* _Required work_: Look through the lines below and extract any with the word "BLUE".

[Collected data entries]
----
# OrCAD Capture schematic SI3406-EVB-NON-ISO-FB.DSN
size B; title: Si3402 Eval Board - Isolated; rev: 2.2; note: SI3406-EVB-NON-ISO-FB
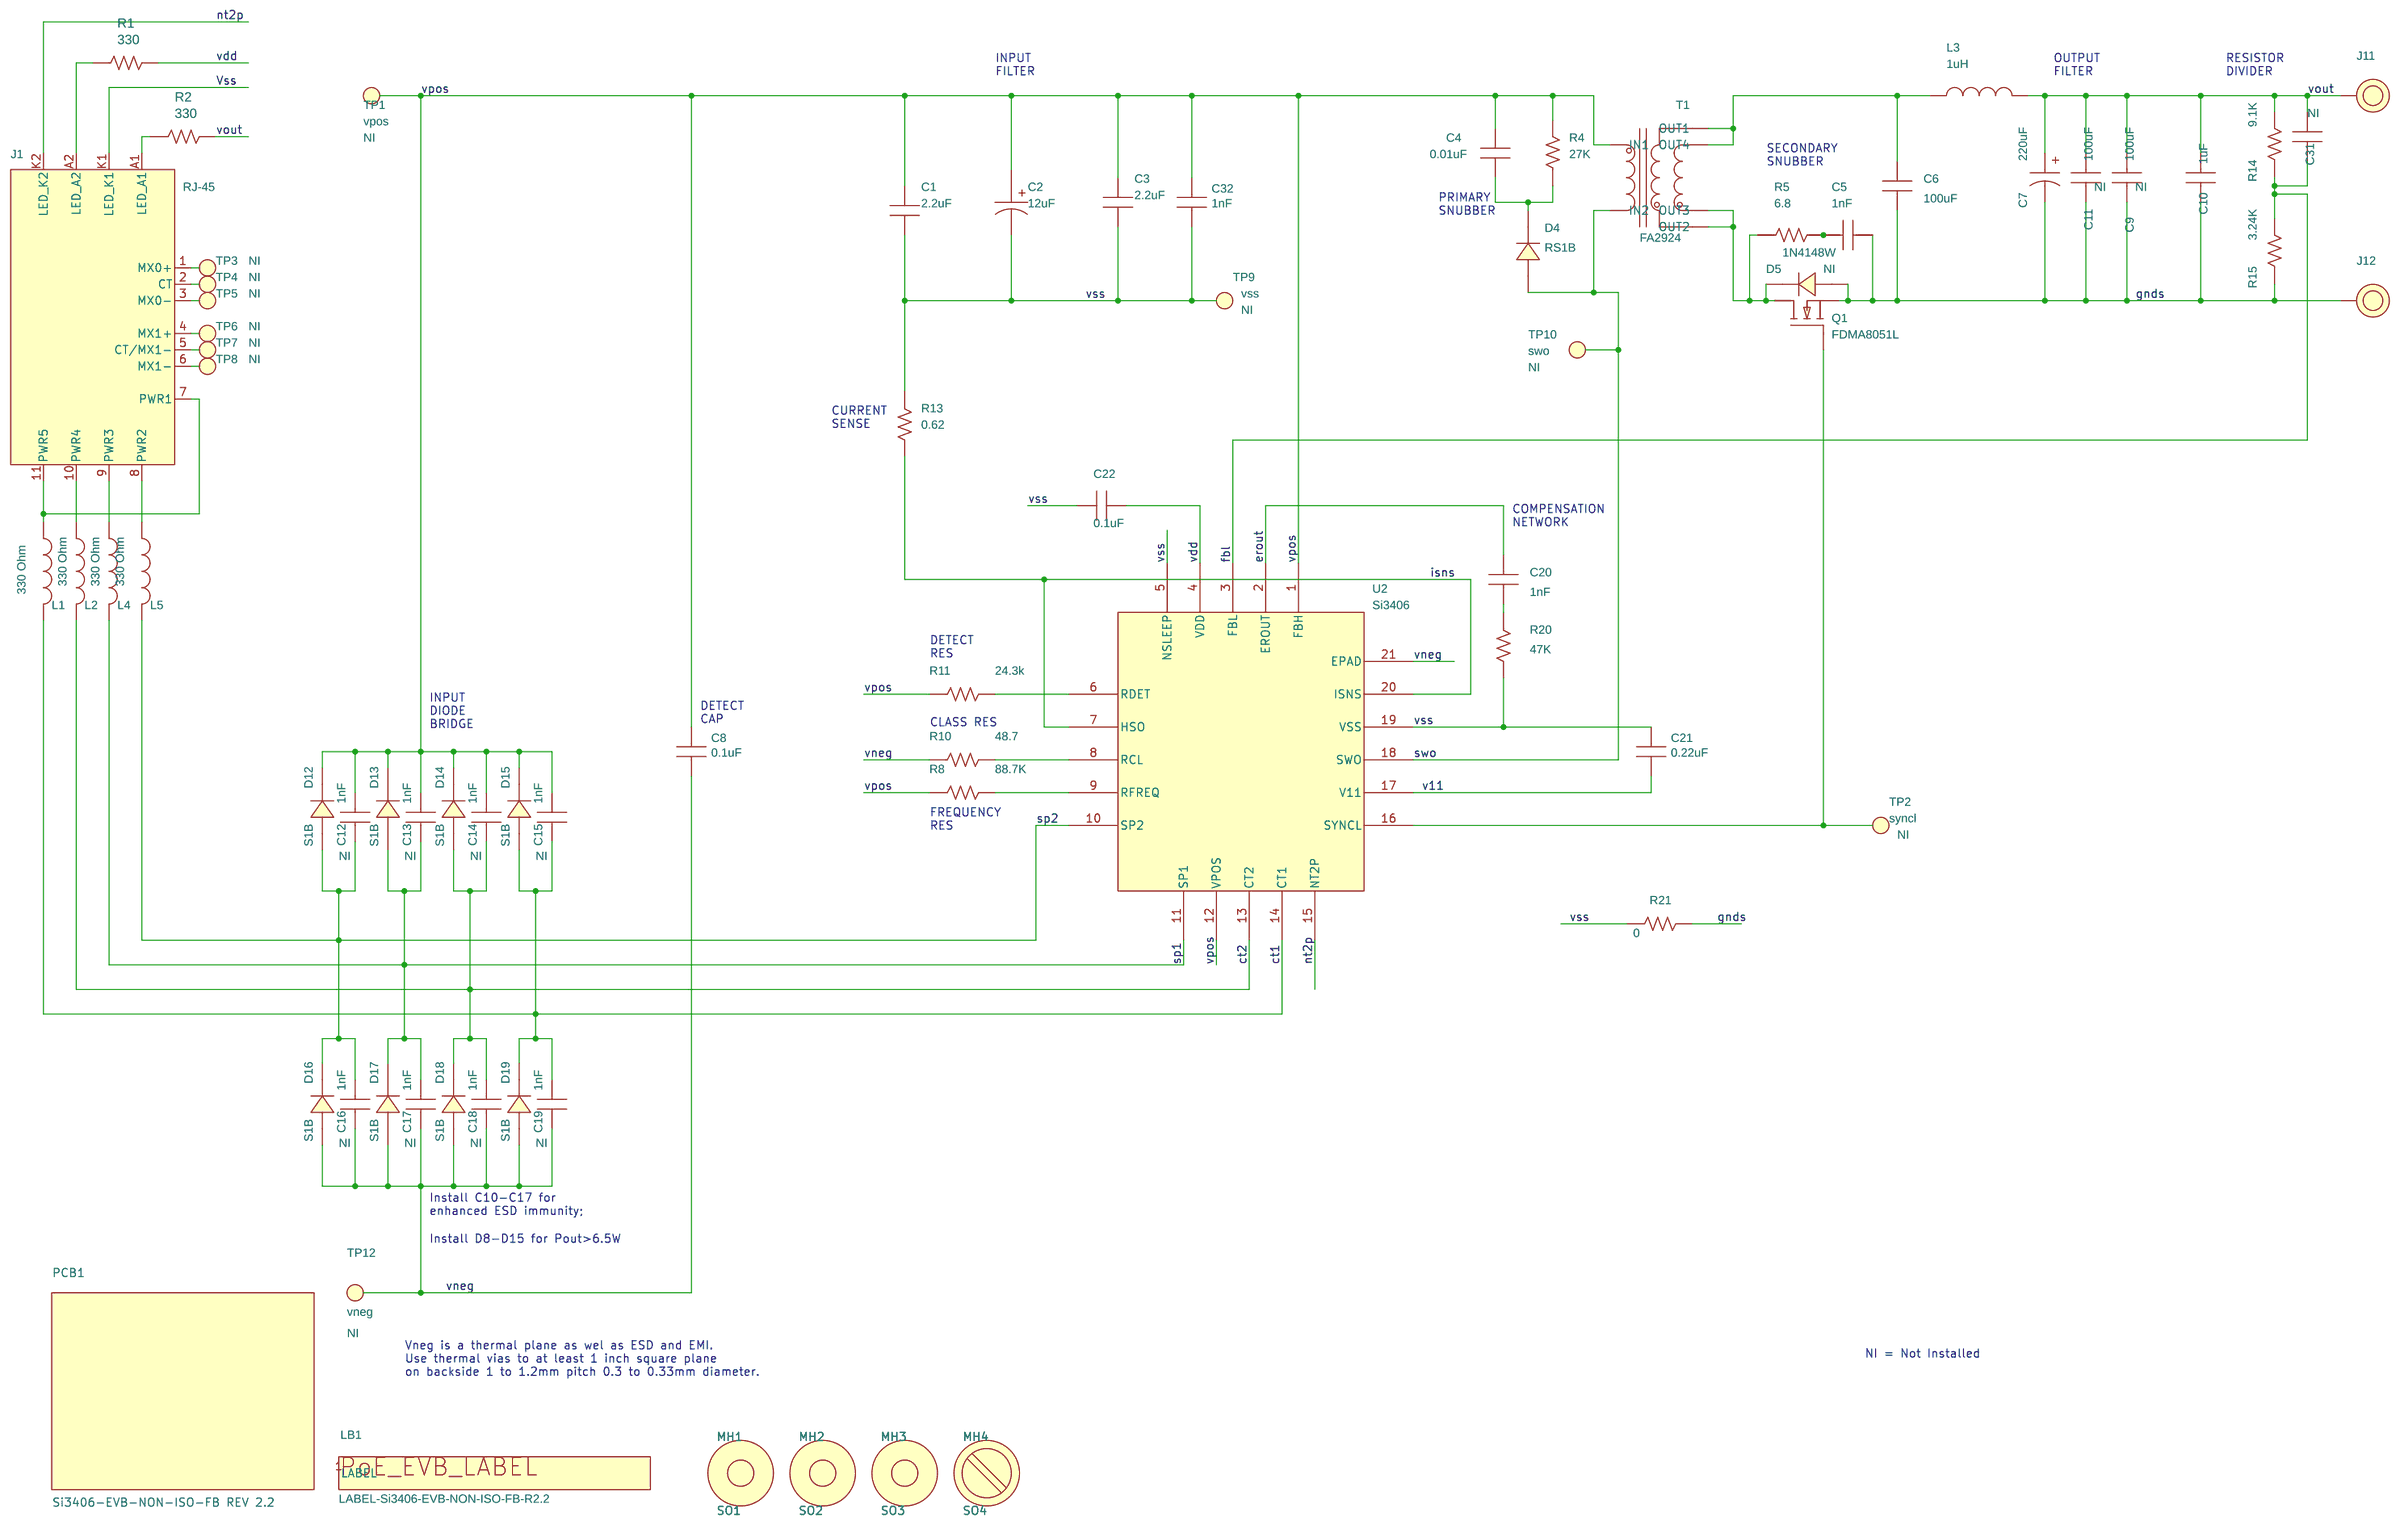
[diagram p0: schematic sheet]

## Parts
C1  2.2uF  [C1210]
C2  12uF  [C2.5X6.3MM-RAD]
C3  2.2uF  [C1210]
C4  0.01uF  [C0805]
C5  1nF  [C0805]
C6  100uF  [C1210]
C7  220uF  [C2X5MM-RAD]
C8  0.1uF  [C0805]
C9  100uF  [C1210]
C10  1uF  [C0603]
C11  100uF  [C1210]
C12  1nF  [C0603]
C13  1nF  [C0603]
C14  1nF  [C0603]
C15  1nF  [C0603]
C16  1nF  [C0603]
C17  1nF  [C0603]
C18  1nF  [C0603]
C19  1nF  [C0603]
C20  1nF  [C0805]
C21  0.22uF  [C0805]
C22  0.1uF  [C0805]
C31  330pF  [C0805]
C32  1nF  [C0603]
D4  RS1B  [DO-214AC]
D5  1N4148W  [SOD-123]
D12  S1B  [DO-214AC]
D13  S1B  [DO-214AC]
D14  S1B  [DO-214AC]
D15  S1B  [DO-214AC]
D16  S1B  [DO-214AC]
D17  S1B  [DO-214AC]
D18  S1B  [DO-214AC]
D19  S1B  [DO-214AC]
J1  RJ-45  [RJ45-SI-52004]
J11  BND_POST  [BANANA-JACK]
J12  BND_POST  [BANANA-JACK]
L1  330 Ohm  [L0805]
L2  330 Ohm  [L0805]
L3  1uH  [IND-6.6X4.45MM]
L4  330 Ohm  [L0805]
L5  330 Ohm  [L0805]
LB1  LABEL-Si3406-EVB-NON-ISO-FB-R2.2  [PTL-14-477]
MH1  4-40  [MH-125NP]
MH2  4-40  [MH-125NP]
MH3  4-40  [MH-125NP]
MH4  4-40  [MH-125NP]
PCB1  Si3406-EVB-NON-ISO-FB REV 2.2  [N/A]
Q1  FDMA8051L  [DFN6N2X2P0.65E1.0X1.05]
R1  330  [R0805]
R2  330  [R0805]
R4  27K  [R0805]
R5  6.8  [R0805]
R8  88.7K  [R0805]
R10  48.7  [R0805]
R11  24.3k  [R0805]
R13  0.62  [R0805]
R14  9.1K  [R0805]
R15  3.24K  [R0805]
R20  47K  [R0805]
R21  0  [R0805]
SO1  STANDOFF
SO2  STANDOFF
SO3  STANDOFF
SO4  STANDOFF
T1  FA2924  [XFMR-FA2924]
TP1  BLUE  [TESTPOINT]
TP2  BLUE  [TESTPOINT]
TP3  BLUE  [TESTPOINT]
TP4  BLUE  [TESTPOINT]
TP5  BLUE  [TESTPOINT]
TP6  BLUE  [TESTPOINT]
TP7  BLUE  [TESTPOINT]
TP8  BLUE  [TESTPOINT]
TP9  BLUE  [TESTPOINT]
TP10  BLUE  [TESTPOINT]
TP12  BLUE  [TESTPOINT]
U2  Si3406  [QFN20N5X5P0.8]

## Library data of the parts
C1 C3 = CAP_NP: CAP, 2.2uF, 100V, ±10%, X7R, 1210; Manufacturer: Samsung; ManufacturerPN: CL32B225KCJSNNE; SiLabsPN: CL32B225KCJSNNE; Tolerance: ±10%; Type: X7R; Voltage: 100V; Datasheet: MLCC.pdf
C2 = CAP_POL: CAP, 12uF, 100V, ±20%, AL, 6.3X11.2MM; Manufacturer: Panasonic; ManufacturerPN: EEUFC2A120; Part_Type: CAP/POL; SiLabsPN: EEUFC2A120; Tolerance: ±20%; Type: Alum_Elec; Voltage: 100V; Datasheet: ABA0000CE22.pdf
C4 = CAP_NP: CAP, 0.01uF, 100V, ±10%, X7R, 0805; Manufacturer: Venkel; ManufacturerPN: C0805X7R101-103K; SiLabsPN: C0805X7R101-103K; Tolerance: ±10%; Type: X7R; Voltage: 100V; Datasheet: PID_C.pdf
C5 C20 = CAP_NP: CAP, 1nF, 50V, ±1%, C0G, 0805; Manufacturer: Venkel; ManufacturerPN: C0805C0G500-102F; SiLabsPN: C0805C0G500-102F; Tolerance: ±1%; Type: C0G; Voltage: 50V; Datasheet: PID_C.pdf
C6 = CAP_NP: CAP, 100uF, 6.3V, ±10%, X5R, 1210; Manufacturer: Venkel; ManufacturerPN: C1210X5R6R3-107K; SiLabsPN: C1210X5R6R3-107K; Tolerance: ±10%; Type: X5R; Voltage: 6.3V; Datasheet: PID_C.pdf
C7 = CAP_POL_ALT: CAP, 220uF, 6.3V, ±20%, AL, RAD; FPLIST: C2X5MM-RAD,C2.0X5MM-RAD; Manufacturer: Panasonic; ManufacturerPN: ECA0JM221; SiLabsPN: ECA0JM221; Tolerance: ±20%; Type: Alum_Elec; Voltage: 6.3V; Datasheet: ABA0000CE12.pdf
C8 C22 = CAP_NP: CAP, 0.1uF, 100V, ±10%, X7R, 0805; Manufacturer: Venkel; ManufacturerPN: C0805X7R101-104K; SiLabsPN: C0805X7R101-104K; Tolerance: ±10%; Type: X7R; Voltage: 100V; Datasheet: PID_C.pdf
C9 C11 = CAP_NP: CAP, 100uF, 6.3V, ±10%, X5R, 1210; Installed Component: NI; Manufacturer: Venkel; ManufacturerPN: C1210X5R6R3-107K; SiLabsPN: C1210X5R6R3-107K; Tolerance: ±10%; Type: X5R; Voltage: 6.3V; Datasheet: PID_C.pdf
C10 = CAP_NP: CAP, 1uF, 6.3V, ±10%, X5R, 0603; Manufacturer: Venkel; ManufacturerPN: C0603X5R6R3-105K; SiLabsPN: C0603X5R6R3-105K; Tolerance: ±10%; Type: X5R; Voltage: 6.3V; Datasheet: PID_C.pdf
C12-C19 = CAP_NP: CAP, 1nF, 100V, ±10%, X7R, 0603; Installed Component: NI; Manufacturer: Venkel; ManufacturerPN: C0603X7R101-102K; SiLabsPN: C0603X7R101-102K; Tolerance: ±10%; Type: X7R; Voltage: 100V; Datasheet: PID_C.pdf
C21 = CAP_NP: CAP, 0.22uF, 10V, ±10%, X7R, 0805; Manufacturer: Venkel; ManufacturerPN: C0805X7R100-224K; SiLabsPN: C0805X7R100-224K; Tolerance: ±10%; Type: X7R; Voltage: 10V; Datasheet: PID_C.pdf
C31 = CAP_NP: CAP, 330pF, 100V, ±20%, X7R, 0805; Installed Component: NI; Manufacturer: Venkel; ManufacturerPN: C0805X7R101-331M; SiLabsPN: C0805X7R101-331M; Tolerance: ±20%; Type: X7R; Voltage: 100V; Datasheet: PID_C.pdf
C32 = CAP_NP: CAP, 1nF, 100V, ±10%, X7R, 0603; Manufacturer: Venkel; ManufacturerPN: C0603X7R101-102K; SiLabsPN: C0603X7R101-102K; Tolerance: ±10%; Type: X7R; Voltage: 100V; Datasheet: PID_C.pdf
D4 = DIODE: DIO, SINGLE, 100V, 1.0A, SMA; Manufacturer: Fairchild; Rating: 1.0A; Type: Single; Voltage: 100V; Datasheet: RS1A.pdf
D5 = DIODE: DIO, SINGLE, 100V, 300mA, SOD123; Installed Component: NI; Manufacturer: Diodes Inc.; ManufacturerPN: 1N4148W-7-F; Rating: 300mA; SiLabsPN: 1N4148W-7-F; Type: Single; Voltage: 100V; Datasheet: ds30086.pdf
D12-D19 = DIODE: DIO, SINGLE, 100V, 1.0A, SMA; Manufacturer: Fairchild; Rating: 1.0A; Type: Single; Voltage: 100V; Datasheet: S1A.pdf
J1 = MAGJACK_3: CONN, RJ-45, MAGJACK, 1 Port PoE; Manufacturer: Bel; ManufacturerPN: SI-52003-F; SiLabsPN: SI-52003-F; Type: Receptacle; Datasheet: SI-52003-F.pdf
J11 = BINDING-POST: CONN, BANANA JACK, Threaded uninsulated; Manufacturer: ABBATRON HH SMITH; ManufacturerPN: 101; Rating: 15A; SiLabsPN: 101; Silk: +; Type: BANANA; Datasheet: SD-101.pdf
J12 = BINDING-POST: CONN, BANANA JACK, Threaded uninsulated; Manufacturer: ABBATRON HH SMITH; ManufacturerPN: 101; Rating: 15A; SiLabsPN: 101; Type: BANANA; Datasheet: SD-101.pdf
L1 L2 L4 L5 = Ferrite_Bead: FERRITE BEAD, 330 Ohm @100MHZ, 0805; Manufacturer: MuRata; ManufacturerPN: BLM21PG331SN1; Part_Type: IND/FB; Rating: 1500mA; SiLabsPN: BLM21PG331SN1; Type: SMT; Datasheet: Murata BLM Ferrites.pdf
L3 = INDUCTOR: INDUCTOR, POWER, 1uH; Manufacturer: Coilcraft; ManufacturerPN: DO1608C-102ML_; Rating: 2.9A; SiLabsPN: DO1608C-102ML_; Tolerance: ±20%; Type: Shielded; Datasheet: do1608c.pdf
LB1 = PoE_EVB_Label: LABEL, PDB, POLYIMIDE, WHITE, 1.00 in. X 0.187 in., FONT 2; Manufacturer: Skyworks; Type: POLYIMIDE, WHITE; Datasheet: Brady TLS2200 Label PTL-14-477.pdf
MH1-MH4 = SCREW-Small: HDW, SCREW, 4-40 x 1/4 in. Pan Head, Slotted, Nylon; Manufacturer: Richco Plastic Co; ManufacturerPN: NSS-4-4-01; SiLabsPN: NSS-4-4-01; Type: SCREW; Datasheet: RichcoPlasticCo_Screws.pdf
PCB1 = PCB: PCB, BARE BOARD, Si3406-EVB-NON-ISO-FB-REV 2.2; Manufacturer: Skyworks; Type: BARE PCB
Q1 = NFET_DDGSDDD: TRANSISTOR, MOSFET, N-CHNL, 40V, 10A, 2.4W Switching Logic Level, SMT; Manufacturer: Fairchild; Rating: 10A; Type: N-CHNL; Voltage: 40V; Datasheet: FDMA8051L.pdf
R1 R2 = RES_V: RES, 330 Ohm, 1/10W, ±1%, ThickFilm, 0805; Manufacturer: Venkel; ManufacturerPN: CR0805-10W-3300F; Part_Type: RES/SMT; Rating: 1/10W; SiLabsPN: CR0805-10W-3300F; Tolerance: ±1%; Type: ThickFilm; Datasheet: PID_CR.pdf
----
* _Task solution_:
TP1  BLUE  [TESTPOINT]
TP2  BLUE  [TESTPOINT]
TP3  BLUE  [TESTPOINT]
TP4  BLUE  [TESTPOINT]
TP5  BLUE  [TESTPOINT]
TP6  BLUE  [TESTPOINT]
TP7  BLUE  [TESTPOINT]
TP8  BLUE  [TESTPOINT]
TP9  BLUE  [TESTPOINT]
TP10  BLUE  [TESTPOINT]
TP12  BLUE  [TESTPOINT]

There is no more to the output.